Michael Dresser chose this “smooth, suave and sophisticated” Californian Merlot writing in the Baltimore Sun this week, which he said would go perfectly with a rack of lamb of duck. .

He said: “This is a smooth, suave, sophisticated merlot from a highly commercial winery that I can’t help admiring.

“This is an ideal restaurant red — full-bodied enough to match with serious food, but perfectly ready yo be drunk now. It offers intense black cherry fruit, with subtle herbal notes, and admirable persistence and finish.

“It just goes down real easy.”

Price: $24

2012 Tablao from Bodegas Pagos de Aráiz

Colette Bancroft, writing in the Tampa Bay Times, recommended this Spanish red from the Navarra region.

Taking its name from the Spanish for a cafe featuring Flamenco dancing, she said it was a “lively blend” of Tempranillo, Garnacha, Merlot and Cabernet Sauvignon which resulted in a “pleasing structure and velvety mouthfeel.”

She said: “The top note on the nose of this deep purple wine is fig, tempered by stone fruits, most notably cherry. On the tongue the dominant flavour is fig jam, denoting not sweetness but intensity of flavour. Cherry is there, too, together with clove and cinnamon accents, maybe even a whisper of liquorice. The finish is long and satisfying, with a bit of black pepper kicking in at the finale.

“The first food that comes to mind for pairing with this lusty red is lamb, whether as good and garlicky lamb chops or in a spicy merguez sausage. It also will harmonise with roast duck and with charcuterie or perhaps a Greek gyro sandwich.”

 Yellow Tail Moscato NV, Australia

In a list dominated by reds this week, it is refreshing to see Dennis Sodomka, of the Augusta Chronicle, recommend this Australian Moscato.

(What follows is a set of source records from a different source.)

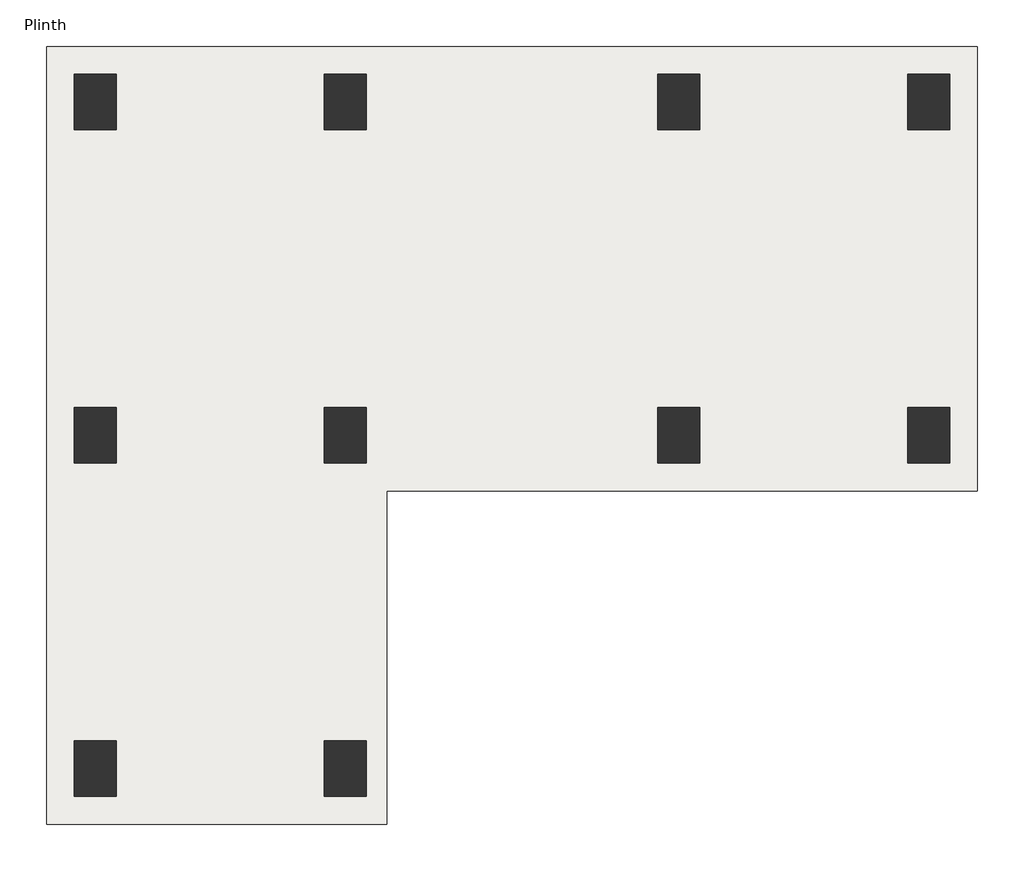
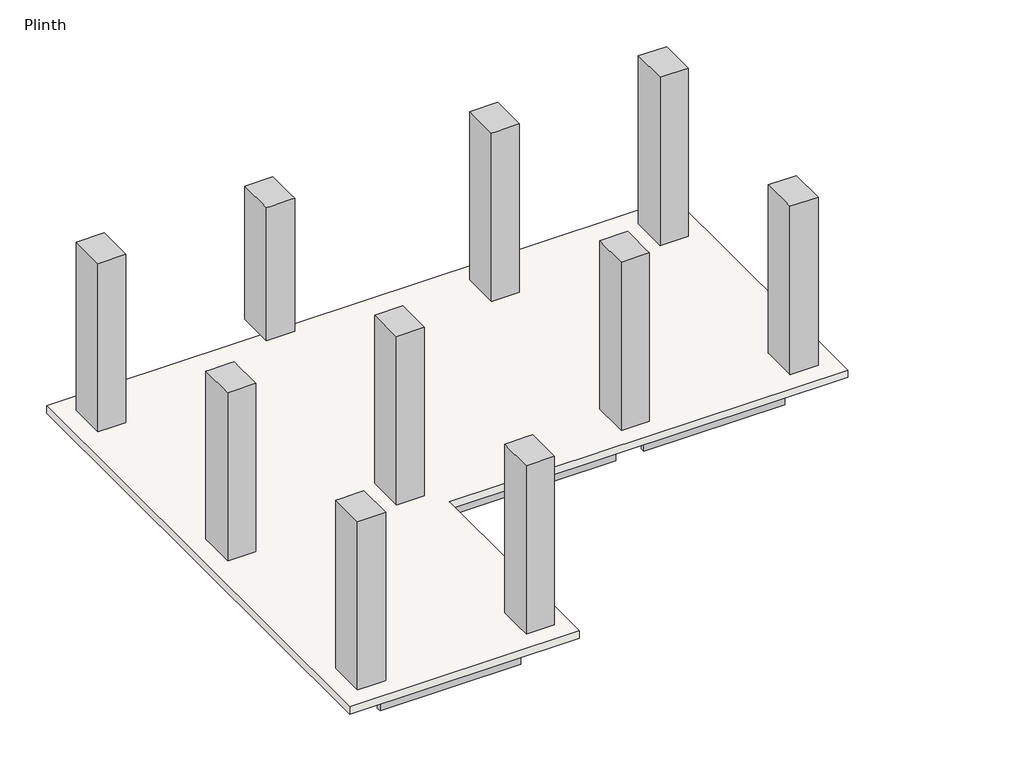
# One storey: 13 beams, 10 columns, 1 slab.
"""IFC4 building model written with IfcOpenShell, lengths in millimetres."""

import ifcopenshell
import ifcopenshell.guid

model = None  # the IFC model being written
_history = None  # IfcOwnerHistory: only IFC2X3 demands one
_inside = {}  # id of a spatial element -> (the spatial element, [elements in it])
_under = {}  # id of a project, library or spatial element -> (it, [spatial elements below it])
_declared = {}  # id of a project -> (the project, [libraries it declares])
_typed = {}  # id of a type object -> (the type object, [elements of that type])
_made_of = {}  # id of a material, layer set ... -> (it, [elements and type objects made of it])


def new_model(schema):
    """Start an empty IFC model of exactly this schema.

    Asked for "IFC4X3", IfcOpenShell would pick the latest addendum, in which some entities
    have other attributes; the version numbers below select the first issue.
    IFC2X3 requires an IfcOwnerHistory on every rooted entity: one is made here for all.
    """
    global model, _history
    if schema == "IFC4X3":
        model = ifcopenshell.file(schema_version=(4, 3, 0, 0))
    else:
        model = ifcopenshell.file(schema=schema)
    _inside.clear()
    _under.clear()
    _declared.clear()
    _typed.clear()
    _made_of.clear()
    _history = None
    if model.schema == "IFC2X3":
        org = make("IfcOrganization", Name="unknown")
        user = make(
            "IfcPersonAndOrganization",
            ThePerson=make("IfcPerson", FamilyName="unknown"),
            TheOrganization=org,
        )
        app = make(
            "IfcApplication",
            ApplicationDeveloper=org,
            Version="unknown",
            ApplicationFullName="unknown",
            ApplicationIdentifier="unknown",
        )
        _history = make(
            "IfcOwnerHistory",
            OwningUser=user,
            OwningApplication=app,
            ChangeAction="ADDED",
            CreationDate=0,
        )
    return model


def make(cls, **values):
    """One entity of the class cls with the attributes given. An attribute that is None is left unset."""
    return model.create_entity(
        cls, **{name: value for name, value in values.items() if value is not None}
    )


def rooted(cls, **values):
    """An entity with a GlobalId (a new one), such as an element, a storey or a relation."""
    return make(cls, GlobalId=ifcopenshell.guid.new(), OwnerHistory=_history, **values)


def si_unit(unit_type, name, prefix=None):
    """IfcSIUnit, for example si_unit("LENGTHUNIT", "METRE", prefix="MILLI")."""
    return make("IfcSIUnit", UnitType=unit_type, Prefix=prefix, Name=name)


def assignment(units):
    """IfcUnitAssignment: the units of a project."""
    return None if units is None else make("IfcUnitAssignment", Units=units)


def point(xyz):
    """IfcCartesianPoint."""
    return None if xyz is None else make("IfcCartesianPoint", Coordinates=xyz)


def direction(xyz):
    """IfcDirection."""
    return None if xyz is None else make("IfcDirection", DirectionRatios=xyz)


def frame(location, z_axis=None, x_axis=None):
    """IfcAxis2Placement3D, a coordinate frame: its origin and axes. An axis left out is left unset."""
    return make(
        "IfcAxis2Placement3D",
        Location=point(location),
        Axis=direction(z_axis),
        RefDirection=direction(x_axis),
    )


def origin():
    """The frame at (0, 0, 0) with its axes left unset."""
    return frame((0.0, 0.0, 0.0))


def place(relative_to, where):
    """IfcLocalPlacement: puts the frame where relative to a parent placement (None: the world)."""
    return make(
        "IfcLocalPlacement", PlacementRelTo=relative_to, RelativePlacement=where
    )


def context(
    kind, dimensions, precision=None, world=None, true_north=None, identifier=None
):
    """IfcGeometricRepresentationContext, for example the 3D "Model" context."""
    return make(
        "IfcGeometricRepresentationContext",
        ContextIdentifier=identifier,
        ContextType=kind,
        CoordinateSpaceDimension=dimensions,
        Precision=precision,
        WorldCoordinateSystem=world,
        TrueNorth=true_north,
    )


def project(units=None, contexts=None):
    """IfcProject with its units and contexts."""
    return rooted(
        "IfcProject",
        Name="project",
        RepresentationContexts=contexts,
        UnitsInContext=assignment(units),
    )


def spatial(cls, under=None, at=None, **own):
    """A site, building, storey or space (cls), placed at a placement, below another one or the project."""
    s = rooted(cls, ObjectPlacement=at, **own)
    if under is not None:
        _under.setdefault(under.id(), (under, []))[1].append(s)
    return s


def polyline(points):
    """IfcPolyline through the points."""
    return make("IfcPolyline", Points=[point(p) for p in points])


def outline(outer, holes=None, kind="AREA"):
    """IfcArbitraryClosedProfileDef: a profile drawn as a closed curve; with holes, ...WithVoids."""
    if holes is None:
        return make("IfcArbitraryClosedProfileDef", ProfileType=kind, OuterCurve=outer)
    return make(
        "IfcArbitraryProfileDefWithVoids",
        ProfileType=kind,
        OuterCurve=outer,
        InnerCurves=holes,
    )


def extrude(swept, where, along, depth):
    """IfcExtrudedAreaSolid: the profile swept, set in the frame where, extruded along a direction by depth."""
    return make(
        "IfcExtrudedAreaSolid",
        SweptArea=swept,
        Position=where,
        ExtrudedDirection=direction(along),
        Depth=depth,
    )


def faces_of(points, faces, orient=None, outer=None):
    """IfcFace entities. A face is a list of loops; a loop is a list of indices into points, from 0.

    orient and outer hold one flag for each loop. By default every Orientation is true, the
    first loop of a face is its IfcFaceOuterBound and the others are IfcFaceBound.
    """
    made = []
    for i, loops in enumerate(faces):
        bounds = []
        for j, loop in enumerate(loops):
            is_outer = j == 0 if outer is None else outer[i][j]
            bounds.append(
                make(
                    "IfcFaceOuterBound" if is_outer else "IfcFaceBound",
                    Bound=make("IfcPolyLoop", Polygon=[points[k] for k in loop]),
                    Orientation=True if orient is None else orient[i][j],
                )
            )
        made.append(make("IfcFace", Bounds=bounds))
    return made


def faceted_brep(points, faces, orient=None, outer=None, voids=None):
    """IfcFacetedBrep: a solid bounded by flat faces; with voids (closed shells), ...WithVoids."""
    shared = [point(p) for p in points]
    hull = make("IfcClosedShell", CfsFaces=faces_of(shared, faces, orient, outer))
    if voids is None:
        return make("IfcFacetedBrep", Outer=hull)
    return make(
        "IfcFacetedBrepWithVoids",
        Outer=hull,
        Voids=[
            make(cls, CfsFaces=faces_of(shared, fs, o, b)) for cls, fs, o, b in voids
        ],
    )


def shape(context_of_items, identifier, shape_type, items):
    """IfcShapeRepresentation: the items that make up one representation, for example the "Body"."""
    return make(
        "IfcShapeRepresentation",
        ContextOfItems=context_of_items,
        RepresentationIdentifier=identifier,
        RepresentationType=shape_type,
        Items=items,
    )


def made_of(thing, what):
    """Note that an element or type object is made of a material, layer set ...; save() writes the relation."""
    if what is not None:
        _made_of.setdefault(what.id(), (what, []))[1].append(thing)
    return thing


def element(
    cls,
    number,
    at=None,
    inside=None,
    cuts=None,
    type_object=None,
    material=None,
    context=None,
    identifier="Body",
    shape_type=None,
    held_by="IfcProductDefinitionShape",
    body=None,
    shapes=None,
    **own,
):
    """One element of the class cls, such as IfcWall. Its Tag is "e" and its number.

    at: its placement. inside: the storey or other place that contains it. cuts: it is an
    opening in that element (IfcRelVoidsElement). A single representation is given by context,
    identifier, shape_type and body (its items); several are given by shapes. held_by: the class
    of the entity that holds the representations. save() writes the other relations.
    """
    e = rooted(cls, Tag="e%d" % number, ObjectPlacement=at, **own)
    if body is not None:
        shapes = [shape(context, identifier, shape_type, body)]
    if shapes is not None:
        e.Representation = make(held_by, Representations=shapes)
    if inside is not None:
        _inside.setdefault(inside.id(), (inside, []))[1].append(e)
    if cuts is not None:
        rooted(
            "IfcRelVoidsElement", RelatingBuildingElement=cuts, RelatedOpeningElement=e
        )
    if type_object is not None:
        _typed.setdefault(type_object.id(), (type_object, []))[1].append(e)
    return made_of(e, material)


def aggregate(whole, parts):
    """IfcRelAggregates: a whole, such as a stair, and the parts it consists of."""
    return rooted("IfcRelAggregates", RelatingObject=whole, RelatedObjects=parts)


def save(model, path):
    """Write the relations noted so far, then the file.

    IfcRelAggregates (storeys below a building ...), IfcRelContainedInSpatialStructure (elements
    in a storey), IfcRelDefinesByType, IfcRelAssociatesMaterial and IfcRelDeclares: one each for
    every whole, place, type object, material and project.
    """
    for whole, parts in _under.values():
        aggregate(whole, parts)
    for where, things in _inside.values():
        rooted(
            "IfcRelContainedInSpatialStructure",
            RelatedElements=things,
            RelatingStructure=where,
        )
    for kind, things in _typed.values():
        rooted("IfcRelDefinesByType", RelatedObjects=things, RelatingType=kind)
    for what, things in _made_of.values():
        rooted("IfcRelAssociatesMaterial", RelatedObjects=things, RelatingMaterial=what)
    for by, libraries in _declared.values():
        rooted("IfcRelDeclares", RelatingContext=by, RelatedDefinitions=libraries)
    model.write(path)


model = new_model("IFC4")

# Units and contexts
model_context = context("Model", 3, world=origin())
ifc_project = project(units=[si_unit("LENGTHUNIT", "METRE", prefix="MILLI")], contexts=[model_context])

# Site, building, storey
site = spatial("IfcSite", under=ifc_project)
building = spatial("IfcBuilding", under=site)
storey = spatial("IfcBuildingStorey", under=building, Name="Plinth", Elevation=3048.0)

# Beams
placement = place(None, origin())
element("IfcBeam", 1, ObjectType="Concrete-Rectangular Beam : 12 x 24", at=placement, inside=storey, context=model_context, shape_type="SweptSolid", body=[
    extrude(outline(polyline([(-20798.018666, 15705.8753347), (-23084.018666, 15705.8753347), (-23084.018666, 15782.0753347), (-20798.018666, 15782.0753347), (-20798.018666, 15705.8753347)])), frame((0.0, 0.0, 2438.4), z_axis=(0.0, 0.0, 1.0), x_axis=(1.0, 0.0, 0.0)), (0.0, 0.0, 1.0), 482.6),
    extrude(outline(polyline([(-23084.018666, 16010.6753347), (-20798.018666, 16010.6753347), (-20798.018666, 15934.4753347), (-23084.018666, 15934.4753347), (-23084.018666, 16010.6753347)])), frame((0.0, 0.0, 2438.4), z_axis=(0.0, 0.0, 1.0), x_axis=(1.0, 0.0, 0.0)), (0.0, 0.0, 1.0), 482.6),
])
element("IfcBeam", 2, ObjectType="Concrete-Rectangular Beam : 12 x 24", at=placement, inside=storey, context=model_context, shape_type="SweptSolid", body=[
    extrude(outline(polyline([(-17140.418666, 15705.8753347), (-20340.818666, 15705.8753347), (-20340.818666, 15782.0753347), (-17140.418666, 15782.0753347), (-17140.418666, 15705.8753347)])), frame((0.0, 0.0, 2438.4), z_axis=(0.0, 0.0, 1.0), x_axis=(1.0, 0.0, 0.0)), (0.0, 0.0, 1.0), 482.6),
    extrude(outline(polyline([(-20340.818666, 16010.6753347), (-17140.418666, 16010.6753347), (-17140.418666, 15934.4753347), (-20340.818666, 15934.4753347), (-20340.818666, 16010.6753347)])), frame((0.0, 0.0, 2438.4), z_axis=(0.0, 0.0, 1.0), x_axis=(1.0, 0.0, 0.0)), (0.0, 0.0, 1.0), 482.6),
])
element("IfcBeam", 3, ObjectType="Concrete-Rectangular Beam : 12 x 24", at=placement, inside=storey, context=model_context, shape_type="SweptSolid", body=[
    extrude(outline(polyline([(-14397.218666, 15705.8753347), (-16683.218666, 15705.8753347), (-16683.218666, 15782.0753347), (-14397.218666, 15782.0753347), (-14397.218666, 15705.8753347)])), frame((0.0, 0.0, 2438.4), z_axis=(0.0, 0.0, 1.0), x_axis=(1.0, 0.0, 0.0)), (0.0, 0.0, 1.0), 482.6),
    extrude(outline(polyline([(-16683.218666, 16010.6753347), (-14397.218666, 16010.6753347), (-14397.218666, 15934.4753347), (-16683.218666, 15934.4753347), (-16683.218666, 16010.6753347)])), frame((0.0, 0.0, 2438.4), z_axis=(0.0, 0.0, 1.0), x_axis=(1.0, 0.0, 0.0)), (0.0, 0.0, 1.0), 482.6),
])
element("IfcBeam", 4, ObjectType="Concrete-Rectangular Beam : 12 x 24", at=placement, inside=storey, context=model_context, shape_type="SweptSolid", body=[
    extrude(outline(polyline([(-14321.018666, 12505.4753347), (-14321.018666, 15553.4753347), (-14244.818666, 15553.4753347), (-14244.818666, 12505.4753347), (-14321.018666, 12505.4753347)])), frame((0.0, 0.0, 2438.4), z_axis=(0.0, 0.0, 1.0), x_axis=(1.0, 0.0, 0.0)), (0.0, 0.0, 1.0), 482.6),
    extrude(outline(polyline([(-14016.218666, 15553.4753347), (-14016.218666, 12505.4753347), (-14092.418666, 12505.4753347), (-14092.418666, 15553.4753347), (-14016.218666, 15553.4753347)])), frame((0.0, 0.0, 2438.4), z_axis=(0.0, 0.0, 1.0), x_axis=(1.0, 0.0, 0.0)), (0.0, 0.0, 1.0), 482.6),
])
element("IfcBeam", 5, ObjectType="Concrete-Rectangular Beam : 12 x 24", at=placement, inside=storey, context=model_context, shape_type="SweptSolid", body=[
    extrude(outline(polyline([(-16683.218666, 12353.0753347), (-14397.218666, 12353.0753347), (-14397.218666, 12276.8753347), (-16683.218666, 12276.8753347), (-16683.218666, 12353.0753347)])), frame((0.0, 0.0, 2438.4), z_axis=(0.0, 0.0, 1.0), x_axis=(1.0, 0.0, 0.0)), (0.0, 0.0, 1.0), 482.6),
    extrude(outline(polyline([(-14397.218666, 12048.2753347), (-16683.218666, 12048.2753347), (-16683.218666, 12124.4753347), (-14397.218666, 12124.4753347), (-14397.218666, 12048.2753347)])), frame((0.0, 0.0, 2438.4), z_axis=(0.0, 0.0, 1.0), x_axis=(1.0, 0.0, 0.0)), (0.0, 0.0, 1.0), 482.6),
])
element("IfcBeam", 6, ObjectType="Concrete-Rectangular Beam : 12 x 24", at=placement, inside=storey, context=model_context, shape_type="SweptSolid", body=[
    extrude(outline(polyline([(-20340.818666, 12353.0753347), (-17140.418666, 12353.0753347), (-17140.418666, 12276.8753347), (-20340.818666, 12276.8753347), (-20340.818666, 12353.0753347)])), frame((0.0, 0.0, 2438.4), z_axis=(0.0, 0.0, 1.0), x_axis=(1.0, 0.0, 0.0)), (0.0, 0.0, 1.0), 482.6),
    extrude(outline(polyline([(-17140.418666, 12048.2753347), (-20340.818666, 12048.2753347), (-20340.818666, 12124.4753347), (-17140.418666, 12124.4753347), (-17140.418666, 12048.2753347)])), frame((0.0, 0.0, 2438.4), z_axis=(0.0, 0.0, 1.0), x_axis=(1.0, 0.0, 0.0)), (0.0, 0.0, 1.0), 482.6),
])
element("IfcBeam", 7, ObjectType="Concrete-Rectangular Beam : 12 x 24", at=placement, inside=storey, context=model_context, shape_type="SweptSolid", body=[
    extrude(outline(polyline([(-20721.818666, 8847.8753347), (-20721.818666, 11895.8753347), (-20645.618666, 11895.8753347), (-20645.618666, 8847.8753347), (-20721.818666, 8847.8753347)])), frame((0.0, 0.0, 2438.4), z_axis=(0.0, 0.0, 1.0), x_axis=(1.0, 0.0, 0.0)), (0.0, 0.0, 1.0), 482.6),
    extrude(outline(polyline([(-20417.018666, 11895.8753347), (-20417.018666, 8847.8753347), (-20493.218666, 8847.8753347), (-20493.218666, 11895.8753347), (-20417.018666, 11895.8753347)])), frame((0.0, 0.0, 2438.4), z_axis=(0.0, 0.0, 1.0), x_axis=(1.0, 0.0, 0.0)), (0.0, 0.0, 1.0), 482.6),
])
element("IfcBeam", 8, ObjectType="Concrete-Rectangular Beam : 12 x 24", at=placement, inside=storey, context=model_context, shape_type="SweptSolid", body=[
    extrude(outline(polyline([(-23084.018666, 8695.4753347), (-20798.018666, 8695.4753347), (-20798.018666, 8619.2753347), (-23084.018666, 8619.2753347), (-23084.018666, 8695.4753347)])), frame((0.0, 0.0, 2438.4), z_axis=(0.0, 0.0, 1.0), x_axis=(1.0, 0.0, 0.0)), (0.0, 0.0, 1.0), 482.6),
    extrude(outline(polyline([(-20798.018666, 8390.6753347), (-23084.018666, 8390.6753347), (-23084.018666, 8466.8753347), (-20798.018666, 8466.8753347), (-20798.018666, 8390.6753347)])), frame((0.0, 0.0, 2438.4), z_axis=(0.0, 0.0, 1.0), x_axis=(1.0, 0.0, 0.0)), (0.0, 0.0, 1.0), 482.6),
])
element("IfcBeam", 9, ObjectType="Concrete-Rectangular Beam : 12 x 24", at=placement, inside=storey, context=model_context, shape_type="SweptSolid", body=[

He said: “The Moscato, one of the more recent additions to the Yellow Tail lineup, is especially appealing. Besides the crisp, fresh taste, it has a slight fizz, which is typical of Moscato.

This is a good option if you are not sure you like wine, or if you like lighter, sweeter wines. The Yellow Tail has a lightly fruity aroma, with tastes of peaches, raisins and tropical fruit. The bubbles don’t last long, but they do give the wine a nice fizz.

“Even if you don’t like sweet wines, you will love this wine. It has a clean, crisp finish without the heavy tastes of some sweet wines. And at 7.5 percent alcohol you don’t have to worry about how much you drink.”

He recommended pairing it with a spicy Asian or Latin American dish.